While an understanding of and aptitude for science is certainly important, for a profession focused on caring for people, it's a wonder that so little attention is paid to empathy, compassion, or communication skills in the selection of future doctors. While we spend years preparing for our careers in medicine by studying the anatomy of the human body and the physiology that undergirds its function, we spend considerably less time learning about the anatomy of human emotions and the sociology that shapes our social interactions. It's no surprise that a common complaint heard from patients is that doctors spend more time caring for their diseases than they do for patients themselves.
And it's clear that doctors with people skills perform better -- a recent study published in the journal Medical Education showed that doctors with higher emotional intelligence had higher job satisfaction and were less likely to burn out. More importantly, their patients were more likely to be satisfied with their care. In fact, there's even evidence to suggest that doctors with good people skills are less likely to be sued. Why? Because they're more likely to keep open lines of communication and to apologize when they've made mistakes -- obvious steps that can often be overlooked when the human qualities are neglected in decisions about what we want in our future doctors.
In that light, a recent announcement from the American Association of Medical Colleges (AAMC), the umbrella organization for US medical schools and the organization in charge of all things medical school admissions, is promising. Beginning in 2015, the AAMC will begin administering a new version of the MCAT that will place more emphasis on the sociobehavioral sciences in medical school preparation.
This new version of the exam will include a section called "Psychological, Social, and Biological Foundations of Behavior" which will measure applicants to medical school on their understanding of core concepts in psychology and sociology -- those concepts critically important to working intimately with people, like doctors do on a daily basis. By comparison, the MCAT that I took -- and the one nearly all applicants to medical school have taken since 1981 -- focused exclusively on core science reasoning skills in physiology, physics, and chemistry, along with basic reading comprehension.

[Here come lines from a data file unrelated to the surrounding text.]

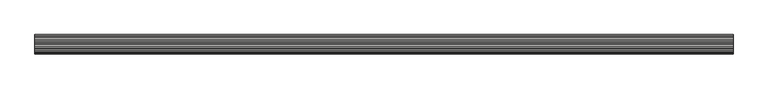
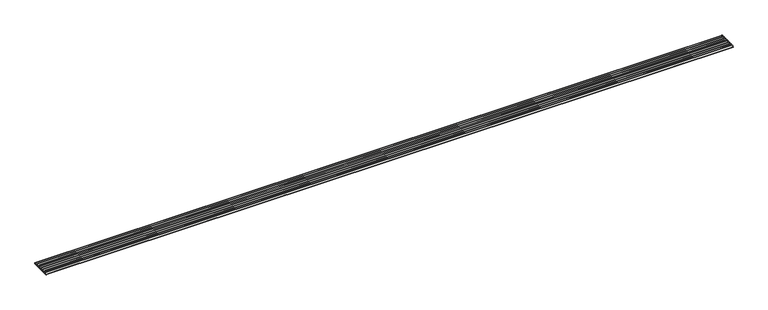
"""IFC4 building model written with IfcOpenShell, lengths in millimetres: slab geometry, ROSA GRES_003 : Pieza 003_Aqua_Marino_Anti-Slip."""

from ifc_helpers import new_model, si_unit, point, frame, frame_2d, origin, place, context, project, spatial, polyline, circle_curve, trimmed, segment, composite_curve, outline, extrude, source, transform, mapped, element, save


def slab_43fa2834(model_context):
    return source(origin(), model_context, "Body", "SweptSolid", [
        extrude(outline(composite_curve([segment(polyline([(7.6419163, 9.4971975), (13.1748183, 9.4971975), (13.1748183, 4.0921512), (114.6668888, 4.0921512), (114.6668888, 10.0184612)]), True, "CONTINUOUS"), segment(trimmed(circle_curve(frame_2d((118.9168888, 13.6516438)), 5.5912893), [point((114.6668888, 10.0184612))], [point((118.9168888, 8.0603545))], True, "CARTESIAN"), True, "CONTINUOUS"), segment(polyline([(118.9168888, 8.0603545), (118.9168888, 0.0), (1.8518481, 0.0), (0.5422562, 1.309592)]), True, "CONTINUOUS"), segment(trimmed(circle_curve(frame_2d((1.9104791, 2.6778148)), 1.9349594), [point((0.5422562, 1.309592))], [point((0.0, 2.9846331))], False, "CARTESIAN"), True, "CONTINUOUS"), segment(trimmed(circle_curve(frame_2d((7.6419163, 1.7573601)), 7.7398374), [point((0.0, 2.9846331))], [point((7.6419163, 9.4971975))], False, "CARTESIAN"), True, "CONTINUOUS")], self_intersect=False)), frame((0.0, 0.0, 0.0), z_axis=(1.0, 0.0, 0.0), x_axis=(0.0, 1.0, 0.0)), (0.0, 0.0, 1.0), 4280.0),
        extrude(outline(composite_curve([segment(trimmed(circle_curve(frame_2d((110.4168888, 13.6516438)), 5.5912893), [point((106.1668888, 10.0184612))], [point((114.6668888, 10.0184612))], True, "CARTESIAN"), True, "CONTINUOUS"), segment(polyline([(114.6668888, 10.0184612), (114.6668888, 4.0921512), (106.1668888, 4.0921512), (106.1668888, 10.0184612)]), True, "CONTINUOUS")], self_intersect=False)), frame((0.0, 0.0, 0.0), z_axis=(1.0, 0.0, 0.0), x_axis=(0.0, 1.0, 0.0)), (0.0, 0.0, 1.0), 4280.0),
        extrude(outline(polyline([(4280.0, 89.1668888), (4280.0, 72.1668888), (0.0, 72.1668888), (0.0, 89.1668888), (4280.0, 89.1668888)])), frame((0.0, 0.0, 4.0921512), z_axis=(0.0, 0.0, 1.0), x_axis=(1.0, 0.0, 0.0)), (0.0, 0.0, 1.0), 2.92631),
        extrude(outline(polyline([(4280.0, 55.1668888), (4280.0, 38.1668888), (0.0, 38.1668888), (0.0, 55.1668888), (4280.0, 55.1668888)])), frame((0.0, 0.0, 4.0921512), z_axis=(0.0, 0.0, 1.0), x_axis=(1.0, 0.0, 0.0)), (0.0, 0.0, 1.0), 2.92631),
        extrude(outline(composite_curve([segment(trimmed(circle_curve(frame_2d((16.9168888, 13.6516438)), 5.5912893), [point((13.1748183, 9.4971975))], [point((21.1668888, 10.0184612))], True, "CARTESIAN"), True, "CONTINUOUS"), segment(polyline([(21.1668888, 10.0184612), (21.1668888, 4.0921512), (13.1748183, 4.0921512), (13.1748183, 9.4971975)]), True, "CONTINUOUS")], self_intersect=False)), frame((0.0, 0.0, 0.0), z_axis=(1.0, 0.0, 0.0), x_axis=(0.0, 1.0, 0.0)), (0.0, 0.0, 1.0), 4280.0),
        extrude(outline(composite_curve([segment(trimmed(circle_curve(frame_2d((25.4168888, 13.6553338)), 5.5912893), [point((21.1668888, 10.0221512))], [point((29.6668888, 10.0221512))], True, "CARTESIAN"), True, "CONTINUOUS"), segment(trimmed(circle_curve(frame_2d((33.9168888, 13.6553338)), 5.5912893), [point((29.6668888, 10.0221512))], [point((38.1668888, 10.0221512))], True, "CARTESIAN"), True, "CONTINUOUS"), segment(trimmed(circle_curve(frame_2d((42.4168888, 13.6553338)), 5.5912893), [point((38.1668888, 10.0221512))], [point((46.6668888, 10.0221512))], True, "CARTESIAN"), True, "CONTINUOUS"), segment(trimmed(circle_curve(frame_2d((50.9168888, 13.6553338)), 5.5912893), [point((46.6668888, 10.0221512))], [point((55.1668888, 10.0221512))], True, "CARTESIAN"), True, "CONTINUOUS"), segment(trimmed(circle_curve(frame_2d((59.4168888, 13.6553338)), 5.5912893), [point((55.1668888, 10.0221512))], [point((63.6668888, 10.0221512))], True, "CARTESIAN"), True, "CONTINUOUS"), segment(trimmed(circle_curve(frame_2d((67.9168888, 13.6553338)), 5.5912893), [point((63.6668888, 10.0221512))], [point((72.1668888, 10.0221512))], True, "CARTESIAN"), True, "CONTINUOUS"), segment(trimmed(circle_curve(frame_2d((76.4168888, 13.6553338)), 5.5912893), [point((72.1668888, 10.0221512))], [point((80.6668888, 10.0221512))], True, "CARTESIAN"), True, "CONTINUOUS"), segment(trimmed(circle_curve(frame_2d((84.9168888, 13.6553338)), 5.5912893), [point((80.6668888, 10.0221512))], [point((89.1668888, 10.0221512))], True, "CARTESIAN"), True, "CONTINUOUS"), segment(trimmed(circle_curve(frame_2d((93.4168888, 13.6553338)), 5.5912893), [point((89.1668888, 10.0221512))], [point((97.6668888, 10.0221512))], True, "CARTESIAN"), True, "CONTINUOUS"), segment(trimmed(circle_curve(frame_2d((101.9168888, 13.6553338)), 5.5912893), [point((97.6668888, 10.0221512))], [point((106.1668888, 10.0221512))], True, "CARTESIAN"), True, "CONTINUOUS"), segment(polyline([(106.1668888, 10.0221512), (106.1668888, 4.0921512), (89.1668888, 4.0921512), (89.1668888, 7.0184612), (72.1668888, 7.0184612), (72.1668888, 4.0921512), (55.1668888, 4.0921512), (55.1668888, 7.0184612), (38.1668888, 7.0184612), (38.1668888, 4.0921512), (21.1668888, 4.0921512), (21.1668888, 10.0221512)]), True, "CONTINUOUS")], self_intersect=False)), frame((0.0, 0.0, 0.0), z_axis=(1.0, 0.0, 0.0), x_axis=(0.0, 1.0, 0.0)), (0.0, 0.0, 1.0), 4280.0),
    ])


if __name__ == "__main__":
    model = new_model("IFC4")
    model_context = context("Model", 3, world=origin())
    ifc_project = project(units=[si_unit("LENGTHUNIT", "METRE", prefix="MILLI")], contexts=[model_context])
    site = spatial("IfcSite", under=ifc_project)
    building = spatial("IfcBuilding", under=site)
    placement = place(None, origin())
    slab_shape = slab_43fa2834(model_context)
    element("IfcSlab", 1, ObjectType="ROSA GRES_003 : Pieza 003_Aqua_Marino_Anti-Slip", at=placement, inside=building, context=model_context, shape_type="MappedRepresentation", body=[
        mapped(slab_shape, transform((0.0, 0.0, 0.0), x_axis=(1.0, 0.0, 0.0), y_axis=(0.0, 1.0, 0.0), z_axis=(0.0, 0.0, 1.0))),
    ])
    save(model, "model.ifc")

While this new MCAT certainly won't solve all of the people-problems in medicine, it's certainly a promising step. Most of all because it will begin rewarding students who choose non-science majors in college who may have an edge when it comes to interpersonal skills and emotional intelligence, but whose educational backgrounds outside of science have traditionally given them a slight disadvantage when it comes to the MCAT and other science-focused measures in medical school admissions. This new MCAT will tip the scales, even if slightly, in favor of future doctors with people skills.
Coupled with developments in medical curricula that teach medical students how to communicate more effectively, how to read between the lines in a medical interview, and how to act in difficult emotional situations, this new MCAT is an important step in assuring that the next generation of doctors is well-prepared when "the production asks them to take the stage."